# Sebastian Inlet, Where to Buy Cheap Bucktail Jigs?



## ccc6588 (Jun 20, 2003)

I am from Virginia and fished at Sebastian Inlet for last week. 

I had a great visit. You Floridians have an outstanding fishery there and I plan to visit every year. 

I bought my bucktail at bait stores through out the area. I was told that bucktails could be had for less than $1.00 per jig. Anyone know where? Address, direction or phone number would be great for quality jigs.


----------



## VICIII (Apr 8, 2005)

*hate walmart but*

found some there for about $2.50. Found same at Wabaso tackel for about $3.99. Bought them at the local tackle store.


----------



## marcg (Dec 7, 2005)

Seems like the decent Bucktails will run between $2 to $3 on the average.

I have seen some red tail hawks at Wal-Mart for $1.58 but they look pretty crappy and have pretty stiff hairs.
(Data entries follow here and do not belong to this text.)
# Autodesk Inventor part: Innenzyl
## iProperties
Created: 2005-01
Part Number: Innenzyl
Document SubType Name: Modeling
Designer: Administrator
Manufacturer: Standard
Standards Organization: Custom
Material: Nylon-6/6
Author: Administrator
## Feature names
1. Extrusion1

Doubtful if they would flair at all actually.

Wildcat in Melbourne has some pretty decent ones for $1.99 a pop.

The best looking ones I have seen so far are at ******'s and they are almost $3 a piece...very fancy and well contructed.

Throwing those bucktails gets expensive...I am almost tempted to freedive the inlet on slack tide to pick up all the hundreds of jigs that must be on the bottom


----------



## AtlanticAngler (Oct 26, 2005)

*Bass Pro has*

them for 1.99 in many different colors. good little deal they have, and seem to work great. mike


----------